Consider the example, where we use the MatchingParser constructor to add additional attributes that determine for what files the parser is indented:

class ExampleParser(MatchingParser):
    def __init__(self):
        super().__init__(
            name='parsers/example', code_name='EXAMPLE', code_homepage='https://www.example.eu/',
            mainfile_mime_re=r'(application/.*)|(text/.*)',
            mainfile_contents_re=(r'^\s*#\s*This is example output'))
  • mainfile_mime_re: A regular expression on the mime type of files. The parser is only run on files with matching mime type. The mime-type is guessed with libmagic.

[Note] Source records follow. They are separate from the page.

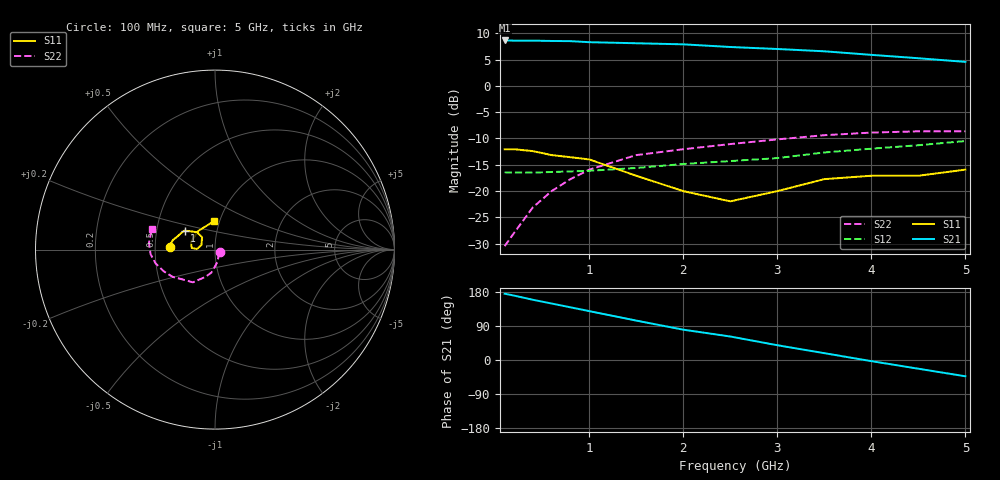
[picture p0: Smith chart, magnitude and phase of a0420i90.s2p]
!  MSA-0420 S AND NOISE PARAMETERS
!  Id=90mA  LAST UPDATED 07-22-92
# ghz s ma r 50
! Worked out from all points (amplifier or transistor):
!   14 points, 100 MHz to 5 GHz, reference 50 ohm
!   highest |S21| = 8.6 dB at 100 MHz (marker M1)
!   |S21| within 3 dB of that: start of sweep to 4.205 GHz
!   unconditionally stable (mu >= 1): start of sweep to end of sweep
!   at 400 MHz: K = 1.36, MAG = 9.0 dB, |S12| = -16.5 dB
!   at 2 GHz: K = 1.25, MAG = 8.3 dB, |S12| = -14.8 dB
!   at 5 GHz: K = 1.03, MAG = 6.5 dB, |S12| = -10.5 dB
!   lowest NFmin = 6.20 dB at 100 MHz
!   S11 on the Smith chart (normalised r, x): 100 MHz: 0.60, +0.02; 1 GHz: 0.70, +0.15; 5 GHz: 0.94, +0.31
0.1  0.25 177.0  2.7 175.0  0.151 1.0  0.03 -30.0
0.2  0.25 173.0  2.69 170.0  0.15 1.0  0.04 -59.0
0.4  0.24 167.0  2.69 159.0  0.15 -1.0  0.07 -79.0
0.6  0.22 160.0  2.67 149.0  0.152 -2.0  0.1 -92.0
0.8  0.21 154.0  2.66 139.0  0.154 -2.0  0.13 -99.0
1  0.2 148.0  2.6 129.0  0.156 -3.0  0.16 -109.0
1.5  0.14 136.0  2.54 104.0  0.166 -4.0  0.22 -124.0
2  0.1 136.0  2.48 80.0  0.181 -6.0  0.25 -139.0
2.5  0.08 161.0  2.34 62.0  0.193 -5.0  0.28 -147.0
3  0.1 178.0  2.24 39.0  0.206 -11.0  0.31 -157.0
3.5  0.13 176.0  2.13 18.0  0.233 -18.0  0.34 -167.0
4  0.14 163.0  1.97 -3.0  0.253 -25.0  0.36 -176.0
4.5  0.14 133.0  1.83 -23.0  0.273 -33.0  0.37 174.0
5  0.16 91.0  1.69 -43.0  0.299 -43.0  0.37 162.0
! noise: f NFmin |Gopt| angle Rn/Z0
0.1  6.2  0.11  -179  0.67
0.5  6.2  0.12  -173  0.67
1  6.4  0.14  -165  0.68
2  7.2  0.18  -145  0.7

  • mainfile_contents_re: A regular expression that is applied to the first 4k of a file. The parser is only run on files where this matches.

  • mainfile_name_re: A regular expression that can be used to match against the name and path of the file.

Not all of these attributes have to be used. Those that are given must all match in order to use the parser on a file.

The nomad infrastructure keep a list of parser objects (in nomad/parsing/parsers.py::parsers). These parser are considered in the order they appear in the list. The first matching parser is used to parse a given file.

While each parser project should provide its own tests, a single example file should be added to the infrastructure parser tests (tests/parsing/test_parsing.py).

Once the parser is added, it become also available through the command line interface and normalizers are applied as well:

nomad parser tests/data/example.out

Developing an existing parser

To develop an existing parser, you should install all parsers:

pip install nomad-lab[parsing]

Close the parser project on top:

git clone <parser-project-url>
cd <parser-dir>

Either remove the installed parser and pip install the cloned version:

rm -rf <path-to-your-python-env>/lib/python3.7/site-packages/<parser-module-name>
pip install -e .

Or use PYTHONPATH so that the cloned code takes precedence over the installed code:

PYTHONPATH=. nomad parser <path-to-example-file>

Alternatively, you can also do a full developer setup of the NOMAD infrastructure and develop the parser there.